The Trauma of Secrecy


Two months ago I based my July blog on Dr. Brene’ Brown’s book Daring Greatly (2012). As is often the case, the authors I read become referral sources for who and what I should be reading professionally, next. That’s exactly what happened when I read Brene’s following paragraph:

“Shame thrives on secret keeping, and when it comes to secrets, there’s some serious science behind the twelve-step program saying, ‘You’re only as sick as your secrets.’ In a pioneering study, psychologist and University of Texas professor James Pennebaker and his colleagues studied what happened when trauma survivors–specifically rape and incest survivors–kept their experiences secret. The research team found that the act of not discussing a traumatic event or confiding it to another person could be more damaging than the actual event. Conversely, when people shared their stories and experiences, their physical health improved, their doctor’s visits decreased, and they showed significant decreases in their stress hormones.”

Note to self: Add James Pennebaker, PhD, Professor of Psychology at the University of Texas at Austin – to reading list. 

I did read Brene’s next paragraph about Dr. Pennebaker’s research before picking up the iPhone to order his book on Amazon:

“Since his early work on the effects of secret keeping, Pennebaker has focused much of his research on the healing power of expressive writing. In his book Writing to Heal (2004), Pennebaker writes, ‘Since the mid-1980s an increasing number of studies have focused on the value of expressive writing as a way to bring about healing. The evidence is mounting that the act of writing about traumatic experience for as little as fifteen or twenty minutes a day for three or four days can produce measurable changes in physical and mental health. Emotional writing can also people’s sleep habits, work efficiency, and how they connect with others.'”

Brene’ adds: “Shame resilience is a practice and like Pennebaker,  I think writing about our shame experiences is an incredibly powerful component of the practice.”

The only–but extremely important–caveat, I would add (with Drs. Pennebaker and Brown’s professional blessings, I’m sure) is that some trauma processing should ONLY be done with a mental health professional. As one reviewer put it: “We have defenses such as repression for good reasons.”

So, I placed my order. Expressive Writing; Words that Heal (2014) is the updated and revised version of Pennebaker’s 2004 edition; co-authored with John Evans, Ed.D. In the preface, Dr. Pennebaker, a “research psychologist” tells how he:

“accidentally discovered the power of writing in an experiment…conducted in the mid-1980s. In the study, people were asked to write for four consecutive days, fifteen minutes per day, about either a traumatic experience or a superficial event. To my surprise, those who wrote about traumas went to the doctor less often in the following months, and many said their writing changed their lives. Ever since then, I’ve been devoted to understanding the mysteries off emotional writing.”

While “emotional writing”(or its oft-used research term, “expressive writing”) is obviously the purport of the research, and Pennebacker’s book, I became intrigued by the additional traumatic impact of secrecy cited earlier by Brene’ Brown. Pennebaker writes:

“When my students and I studied the aftereffects of traumas, we observed the same things (the Adverse Childhood Experiences [ACE] ) researchers did.” (Note: See my July 5, 2015 blog regarding the ACE Study.) Pennebaker continues:

“But we also found something more striking. Having a traumatic experience was certainly bad for people in many ways, but people who had a trauma and kept that traumatic experience secret were much worse off. Not talking to others about a trauma, we learned, placed people at even higher risk for major and minor illness compared to people who did talk about their traumas.

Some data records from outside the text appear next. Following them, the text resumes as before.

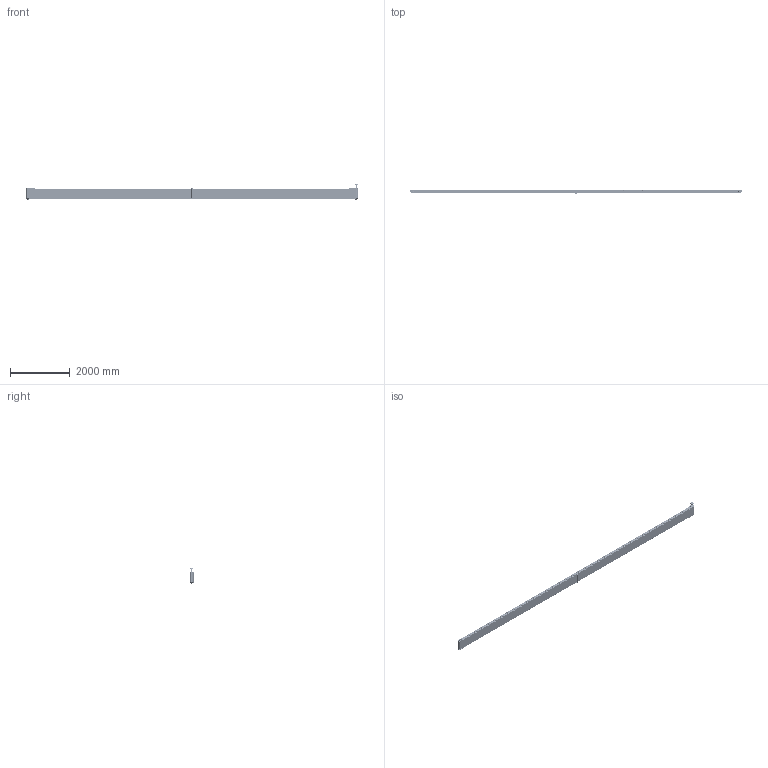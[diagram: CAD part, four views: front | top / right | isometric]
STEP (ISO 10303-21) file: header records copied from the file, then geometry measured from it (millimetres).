
FILE_DESCRIPTION (( 'STEP AP203' ), '1' );
FILE_NAME ('NASTRO_RETTILINEO_TAPPETO.step', '2026-04-22T07:51:18', ( 'Utente Windows' ), ( '' ), 'SwSTEP 2.0', 'SolidWorks 2024', '' );
FILE_SCHEMA (( 'CONFIG_CONTROL_DESIGN' ));
Length unit declared in the file: millimetre
Products named in the file (51): RULLO_REGGITAPPETO; BLOCCO_PERNO_95_RINVIO; 084.302.060; TELAIO_95_STANDARD_Default<A macchina>; 084.802.067_Default<A macchina>; 084.803.003; 084.808.002_084.808.002; VITE_DADO_M5X12; 084.802.019_084.802.019; BLOCCO_BRACCIO_CH05P_CH05P; BLOCCO_TRAINO_95_STANDARD_CON TENDINASTRO E CARTER; 25UNI7435; 084.802.014; 084.802.028; 084.803.017; 084.802.034_084.802.034; NASTRO_RETTILINEO_TAPPETO; 084.808.013; 084.812.002; VITI TSEI UNI 5933_M5x12 UNI 5933; 084.802.060_Default<A macchina>; VITI TE UNI 5739_M8x16 UNI 5739; VITI TSEI UNI 5933_M4x12 UNI 5933; VITE_RONDELLA_M8X20; VITI TCEI UNI 5931_M4x25 UNI 5931; 084.301.000 VITI ALUSIC_084.301.003; 084.302.000 DADI ALUSIC 13x13-1_084.302.004; CHIAVETTE_A 8x7x70 UNI 6604-69; RULLO_95_Default<A macchina>; 084.302.000 DADI ALUSIC 13x13-1_084.302.007; TAPPETO_STANDARD; CHIAVETTE_A 8x7x20 UNI 6604-69; 084.802.017_084.802.017; 30UNI7435; 084.802.068; LAMIERA_STANDARD; 084.802.071; BLOCCO_TRAINO_95_STANDARD_49_DX_CON TENDINASTRO E SENZA CARTER; 084.802.013-2; BLOCCO_PERNO_95_49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
Assembly tree (226 placements, depth 4):
  NASTRO_RETTILINEO_TAPPETO
    TAPPETO_STANDARD
    TELAIO_95_STANDARD_Default<A macchina>
    LAMIERA_STANDARD  x5
    RULLO_95_Default<A macchina>  x2
    BLOCCO_PERNO_95_49
      084.812.002
      084.810.003
      CHIAVETTE_A 8x7x70 UNI 6604-69
      CHIAVETTE_A 8x7x20 UNI 6604-69
      RONDELLE FASCIA LARGA UNI 6593_8.4x32 UNI 6593
      VITI TE UNI 5739_M8x16 UNI 5739
      25UNI7435
      30UNI7435
    BLOCCO_TRAINO_95_STANDARD_49_DX_CON TENDINASTRO E SENZA CARTER
      084.808.003_084.808.003
      084.302.060  x2
      084.802.034_084.802.034
      084.301.000 VITI ALUSIC_084.301.003  x6
      084.802.067_Default<A macchina>
      VITI TCEI UNI 5931_M4x25 UNI 5931  x2
      BLOCCO_BRACCIO_CH05P_CH05P
        084.808.013
        084.802.062
        084.802.060_Default<A macchina>
        VITI TE UNI 5739_M8x12 UNI 5739  x4
        VITI TE UNI 5739_M6x12 UNI 5739  x4
        084.803.017
        VITI TCEI UNI 5931_M6x12 UNI 5931  x4
    BLOCCO_PERNO_95_RINVIO  x3
      084.812.003
      084.810.003
      30UNI7435
    BLOCCO_TRAINO_95_STANDARD_CON TENDINASTRO E CARTER
      084.808.002_084.808.002
      084.302.060  x2
      084.802.019_084.802.019
      084.301.000 VITI ALUSIC_084.301.003  x6
      VITI TCEI UNI 5931_M4x25 UNI 5931  x2
      084.802.071
      084.802.068
      VITI TSEI UNI 5933_M4x12 UNI 5933  x2
    BLOCCO_RINVIO_95_STANDARD_CON TENDINASTRO E CARTER  x2
      084.808.002_084.808.002
      084.803.003
      084.302.060
      084.802.019_084.802.019
      VITI TSEI UNI 5933_M4x12 UNI 5933
      084.302.000 DADI ALUSIC 13x13-1_084.302.004
      084.301.000 VITI ALUSIC_084.301.003
      084.802.071
    VITE_RONDELLA_M8X20  x69
      084.303.001
      084.301.000 VITI ALUSIC_084.301.003
    VITE_DADO_M5X12  x50
      084.302.000 DADI ALUSIC 13x13-1_084.302.007
      VITI TSEI UNI 5933_M5x12 UNI 5933
    BLOCCO_REGGITAPPETO  x2
      084.301.000 VITI ALUSIC_084.301.003
      084.302.000 DADI ALUSIC 13x13-1_084.302.004
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Bounding box: 11106.5 x 163.5 x 504 mm (x, y, z)
Volume: 51240871.7 mm3; surface area: 45276134.7 mm2
Topology: 444 solids, 449 shells, 13634 faces, 34958 edges, 22453 vertices
Faces by surface type: plane 7617, cylinder 3541, cone 1081, torus 719, bspline 612, sphere 64
Entity records: 243416 total; most frequent: CARTESIAN_POINT 68609, ORIENTED_EDGE 35958, DIRECTION 32831, EDGE_CURVE 17979, VERTEX_POINT 11684, LINE 11169, VECTOR 11169, AXIS2_PLACEMENT_3D 10831

The dangers of keeping secrets were most apparent for major life traumas. In a series of surveys, several hundred college students and people who worked at a large corporation were asked to complete a brief questionnaire about traumas that had occurred earlier in their lives. The respondents were asked if prior to the age of seventeen they had experienced the death of a family member, the divorce of parents, a sexual trauma, physical abuse, or some other event that had ‘changed their personality.’ For each  item, they were also queried as to whether they had talked to anyone in detail about this experience.

First, over half of the people we surveyed reported having experienced a major trauma in their life prior to the age of seventeen (Keep in mind that these were generally middle and upper-middle class students and adults.) Second, the people who had had any kind of major trauma before the age of seventeen went to physicians for illness at twice the rate of people who had not had a trauma. Finally, among those who had traumas, those who kept their traumas secret went to physicians almost forty percent more often than those who openly talked about their traumas.

Later research projects from multiple labs confirmed these results….Not talking about important issues in your life poses a significant health risk.”

Huh. “Not talking about important issues in your life poses a significant health risk.” My brother would agree that we had loving parents. We never doubted our parents’ love for us. Although I can’t speak for my brother, I don’t remember really talking to anyone about the negative effects Mom and Dad’s troubled marriage was having on me. What I do remember, vividly, is being taken to the doctor for what seemed like an inordinate amount of times –  for stomach aches.